Once the diagnosis is confirmed, some tests may need to be performed to evaluate the baby for all the organs systems that might be affected by down syndrome like;
· Complete blood count
· Bone marrow examination (to check for leukemia)
· eye examination
· Tests for hearing
· Echocardiography to look for congenital heart disease
· Ultrasound scan of the abdomen
· X-ray chest for respiratory infections
· Somnography to diagnose sleep apnea
· Thyroid profile to look for thyroid disorders.
Some other disorders that need to be checked for while making a diagnosis include;
· Congenital hypothyroidism
· Robertsonian trisomy 21
· Zellweger syndrome
· Trisomy 18
The treatment of down syndrome centers around providing physical, mental, and therapeutic support to help you and your baby cope with life in an improved way. You may need to consult a team of healthcare providers, including family physicians and specialists (cardiologist, pulmonologist, endocrinologist, etc.), depending on the organ system requiring treatment.

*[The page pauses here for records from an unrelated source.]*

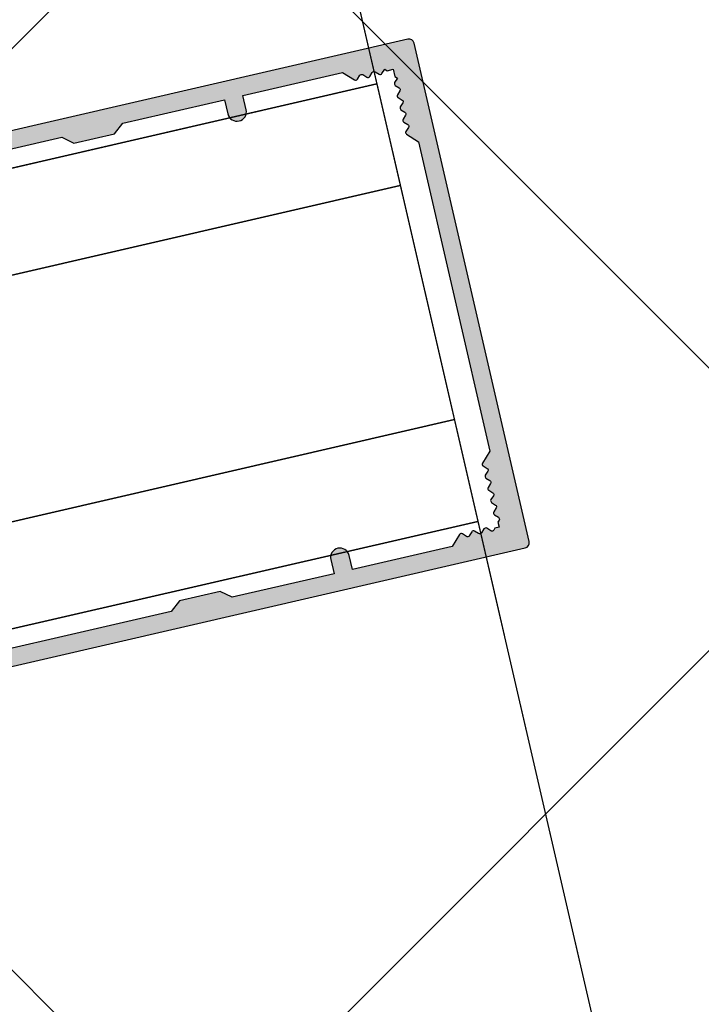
# Model space of a CAD drawing. Header units: centimetres. Extents: x -15121 to 17422, y -60492 to 0.
# Tile 33 of 256: x 1208.37 to 1214.9, y -30450.34 to -30440.92. Entities that reach past the tile are written whole.
import ezdxf

# ---------------------------------------------------------------- set-up
doc = ezdxf.new("R2010")
doc.units = ezdxf.units.CM
doc.header["$LTSCALE"] = 60
doc.linetypes.add('0', pattern=[0])
for name, color, linetype in [('AIKA sufity podwieszane', 8, 'Continuous'), ('AIKA wymiarowanie ogólne rzut2', 7, 'Continuous'), ('BSP podkonstrukcja', 8, 'Continuous'), ('RI-HATCH-P', 253, 'Continuous'), ('RI-PROFILE', 8, 'Continuous')]:
    doc.layers.add(name, color=color, linetype=linetype)
doc.styles.add('wymiar', font='txt.shx', dxfattribs={"width": 0.6})
doc.dimstyles.new('Dwudziestka', dxfattribs={"dimtxt": 7, "dimasz": 0.7, "dimexe": 5, "dimexo": 0, "dimgap": 2.5, "dimtad": 1, "dimtoh": 1, "dimdec": 3, "dimrnd": 0.5, "dimdsep": 46, "dimtxsty": 'wymiar', "dimblk": 'znacznik', "dimcen": 0, "dimdle": 5, "dimse1": 1, "dimse2": 1, "dimclrd": 256, "dimclre": 256, "dimclrt": 256, "dimadec": 0, "dimazin": 0, "dimtfac": 0.4, "dimtdec": 3, "dimtix": 1, "dimtofl": 0, "dimtmove": 2, "dimatfit": 3, "dimldrblk": 'znacznik', "dimfxl": 1, "dimtolj": 1, "dimarcsym": 0})

# ---------------------------------------------------------------- blocks, each defined once
blk = doc.blocks.new('0342524b')
at = {"layer": 'RI-PROFILE'}
for points in [[(2.52899999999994, 2.825999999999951, -0.5780385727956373), (2.529999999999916, 3.172999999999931), (2.795999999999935, 3.325999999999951, 0.5790137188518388), (2.795000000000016, 3.671999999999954), (2.52899999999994, 3.825999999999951, -0.5780385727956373), (2.529999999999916, 4.172999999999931), (2.795999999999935, 4.325999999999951, 0.5790137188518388), (2.795000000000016, 4.671999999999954), (2.52899999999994, 4.825999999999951, -0.5780385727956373), (2.529999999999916, 5.172999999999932), (2.795999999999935, 5.325999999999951, 0.5790137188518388), (2.795000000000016, 5.671999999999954), (2.52899999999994, 5.825999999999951, -0.5780385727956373), (2.529999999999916, 6.172999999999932), (2.795999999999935, 6.325999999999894, 0.5790137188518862), (2.795000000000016, 6.672000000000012), (2.529999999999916, 6.824999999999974, -0.5780385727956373), (2.530999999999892, 7.171999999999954), (2.796999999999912, 7.324999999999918, 0.5790137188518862), (2.795999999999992, 7.671000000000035), (2.529999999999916, 7.825999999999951, -0.5780385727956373), (2.530999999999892, 8.172999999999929), (2.796999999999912, 8.325999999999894, 0.5790137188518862), (2.795999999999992, 8.672000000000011), (2.529999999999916, 8.825999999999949, -0.5780385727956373), (2.530999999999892, 9.172999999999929), (2.796999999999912, 9.325999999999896, 0.5790137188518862), (2.795999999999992, 9.672000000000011), (2.529999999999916, 9.824999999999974, -0.5780385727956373), (2.530999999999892, 10.17199999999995), (2.796999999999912, 10.32499999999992, 0.5790137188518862), (2.795999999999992, 10.67100000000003), (2.529999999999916, 10.82599999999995, -0.5780385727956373), (2.530999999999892, 11.17299999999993), (2.796999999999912, 11.32599999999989, 0.5790137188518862), (2.795999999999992, 11.67200000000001), (2.529999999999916, 11.82599999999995, -0.5780385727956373), (2.530999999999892, 12.17299999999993), (2.796999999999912, 12.32599999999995, 0.2678428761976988), (2.896670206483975, 12.49871298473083), (2.896670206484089, 12.99999999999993, 0.414213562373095), (1.896670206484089, 13.99999999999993), (-1.905000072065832, 13.99999999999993, 0.414213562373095), (-2.905000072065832, 12.99999999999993), (-2.905000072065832, 12.88472731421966), (-2.538999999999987, 12.67399999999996, -0.5763692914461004), (-2.538999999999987, 12.32699999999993), (-2.805000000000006, 12.17299999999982, 0.5763692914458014), (-2.805000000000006, 11.82599999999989), (-2.538999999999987, 11.67299999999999, -0.5763692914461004), (-2.538999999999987, 11.32599999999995), (-2.805000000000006, 11.17299999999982, 0.5763692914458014), (-2.805000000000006, 10.82599999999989), (-2.538999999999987, 10.67299999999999, -0.5763692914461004), (-2.538999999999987, 10.32599999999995), (-2.805000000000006, 10.17299999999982, 0.5763692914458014), (-2.805000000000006, 9.825999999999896), (-2.538999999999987, 9.672999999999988, -0.5763692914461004), (-2.538999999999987, 9.325999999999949), (-2.805000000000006, 9.172999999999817, 0.5763692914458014), (-2.805000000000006, 8.825999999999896), (-2.538999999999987, 8.672999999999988, -0.5763692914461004), (-2.538999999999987, 8.32599999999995), (-2.805000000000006, 8.172999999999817, 0.5763692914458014), (-2.805000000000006, 7.825999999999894), (-2.538999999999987, 7.672999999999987, -0.5763692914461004), (-2.538999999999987, 7.325999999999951), (-2.805000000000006, 7.172999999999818, 0.5763692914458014), (-2.805000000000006, 6.825999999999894), (-2.538999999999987, 6.672999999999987, -0.5763692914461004), (-2.538999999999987, 6.325999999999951), (-2.805000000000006, 6.172999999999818, 0.5763692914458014), (-2.805000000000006, 5.825999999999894), (-2.538999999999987, 5.672999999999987, -0.5763692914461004), (-2.538999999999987, 5.325999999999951), (-2.805000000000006, 5.172999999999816, 0.5763692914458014), (-2.805000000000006, 4.825999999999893), (-2.538999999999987, 4.672999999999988, -0.5763692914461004), (-2.538999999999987, 4.325999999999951), (-2.805000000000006, 4.172999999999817, 0.5763692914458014), (-2.805000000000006, 3.825999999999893), (-2.538999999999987, 3.672999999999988, -0.5763692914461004), (-2.538999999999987, 3.325999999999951), (-2.805000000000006, 3.172999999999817, 0.5763692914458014), (-2.805000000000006, 2.825999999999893), (-2.538999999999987, 2.672999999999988, -0.5763692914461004), (-2.538999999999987, 2.325999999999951), (-2.805000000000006, 2.172999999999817, 0.5763692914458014), (-2.805000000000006, 1.825999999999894), (-2.538999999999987, 1.672999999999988, -0.5763692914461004), (-2.538999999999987, 1.325999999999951), (-2.805000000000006, 1.172999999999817, 0.5763692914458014), (-2.805000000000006, 0.8259999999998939), (-2.538999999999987, 0.6729999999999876, -0.5763692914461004), (-2.538999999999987, 0.3259999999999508), (-2.90500000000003, 0.114999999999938), (-2.90500000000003, -7.11e-14), (-4.600000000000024, -7.11e-14, -0.414213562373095), (-5.100000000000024, 0.4999999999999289), (-5.100000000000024, 14.14999999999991), (-15.5, 14.14999999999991), (-15.5, 12.54999999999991), (-14, 12.54999999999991), (-13.99999999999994, 11.64999999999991, -0.414213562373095), (-14.49999999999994, 11.14999999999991), (-17.26915163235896, 11.14999999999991), (-17.67315163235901, 11.84999999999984, -0.5775199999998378), (-17.50015163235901, 12.14999999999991), (-16.69999999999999, 12.14999999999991), (-16.69999999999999, 14.14999999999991), (-23.69999999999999, 14.14999999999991), (-23.69999999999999, 12.14999999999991), (-22.89984836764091, 12.14999999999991, -0.5775199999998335), (-22.72684836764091, 11.84999999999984), (-23.13084836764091, 11.14999999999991), (-24.5, 11.14999999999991, -0.4142000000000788), (-25, 11.64999999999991), (-24.99999999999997, 119.8499999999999, -0.4141999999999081), (-24.49999999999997, 120.3499999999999), (24.50000000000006, 120.3499999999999, -0.414199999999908), (25.00000000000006, 119.8499999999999), (25, 11.64999999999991, -0.4142000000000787), (24.5, 11.14999999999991), (23.13084836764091, 11.14999999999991), (22.72684836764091, 11.84999999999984, -0.5775199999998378), (22.89984836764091, 12.14999999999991), (23.69999999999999, 12.14999999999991), (23.69999999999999, 14.14999999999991), (16.69999999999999, 14.14999999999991), (16.69999999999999, 12.14999999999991), (17.50015163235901, 12.14999999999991, -0.5775199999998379), (17.67315163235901, 11.84999999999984), (17.26915163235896, 11.14999999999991), (14.49999999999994, 11.14999999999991, -0.414213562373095), (13.99999999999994, 11.64999999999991), (14, 12.54999999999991), (15.5, 12.54999999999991), (15.5, 14.14999999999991), (5.099999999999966, 14.14999999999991), (5.099999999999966, 0.4999999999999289, -0.414213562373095), (4.599999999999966, -7.11e-14), (2.894999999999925, -7.11e-14), (2.894999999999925, 0.6139999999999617), (2.52899999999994, 0.8259999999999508, -0.5780385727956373), (2.529999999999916, 1.172999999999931), (2.795999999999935, 1.325999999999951, 0.5790137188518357), (2.795000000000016, 1.671999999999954), (2.52899999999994, 1.825999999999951, -0.5780385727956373), (2.529999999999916, 2.172999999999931), (2.795999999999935, 2.325999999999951, 0.5790137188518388), (2.795000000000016, 2.672000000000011)], [(-21.84142135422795, 118.0085786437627), (-21.99999999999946, 117.85), (-22.49999999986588, 117.85), (-22.49999999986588, 117.449999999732), (-22.65857864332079, 117.2914213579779, 0.4142135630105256), (-22.65857864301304, 117.0085786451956), (-22.34142135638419, 116.6914213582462, -0.4142135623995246), (-22.34142135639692, 116.4085786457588), (-22.6585786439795, 116.0914213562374, 0.4142135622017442), (-22.65857864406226, 115.8085786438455), (-22.34142135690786, 115.4914213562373, -0.4142135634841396), (-22.34142135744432, 115.2085786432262), (-22.65857864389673, 114.8914213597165, 0.4142135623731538), (-22.65857864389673, 114.608578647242), (-22.3414213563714, 114.2914213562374, -0.4142135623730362), (-22.3414213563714, 114.0085786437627), (-23.29999999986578, 113.05), (-23.29999999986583, 103.2499999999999), (-21.89999999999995, 103.2499999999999, -0.9994442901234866), (-21.89900000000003, 101.45), (-23.29999999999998, 101.4499999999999), (-23.29999999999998, 91.44999999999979), (-22.5, 90.44999999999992), (-22.5, 86.44999999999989), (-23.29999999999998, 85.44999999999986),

The core concerns to be taken care of include;
· Monitoring of Growth
· Monitoring and providing support for cognitive development
· Providing vaccinations
· Providing speech therapy
· Physiotherapy to improve muscle movements and strengths
· Behavioral counseling to combat the emotional challenges
· Consultation with consultants when the other organs are involved like heart problems, respiratory infections, thyroid disorders, hearing and vision problems, Alzheimer's, etc.
Down syndrome comes with many emotional and physical challenges that need to be tackled with care. Regular screening for physical ailments is recommended to avoid complications. With proper care, one can expect to live for around 50 to 60 years. Some patients are able to attend school just like normal kids, while some may require schools for people with special needs. In the USA, around 20% of people with down syndrome are able to work and earn independently. Death may occur early in life due to complications related to the heart.
Care and support have to be started early in life to lead a healthy and prosperous life;
· You may need to enroll your baby as early as 3 years of age in programs available to help with motor, social, and language skills.
· Try to enroll your baby in a school.
· Try to be involved in other social and leisure community activities.
· Help your baby learn basic self-help skills like changing clothes and keeping themselves clean.
· Be ready to provide any behavioral support for emotional challenges, especially during the transition to adulthood.
· With all the support and help, down baby can have a bright and happy future.
Our clinical experts continually monitor the health and medical content posted on CURA4U, and we update our blogs and articles when new information becomes available. Last reviewed by Dr.Saad Zia on May 17, 2023.
Facts about Down Syndrome | CDC
Down Syndrome: MedlinePlus
Down syndrome is a genetic disorder with duplication of some or all parts of chromosome 21. The other name for this disorder is trisomy 21. Each person has 23 pairs of chromosomes in their cells that make up the genetic constitution and determine a person's physical and mental attributes. Any changes or derangements in the normal makeup of chromosomes can lead to genetic diseases resulting in physical symptoms. Trisomy 21 presents with varying features, including delays in physical growth, intellectual disability with an IQ level of 50, and distinct facial features. It can be diagnosed during pregnancy. It has no cure. However, special care and education can improve the quality of life.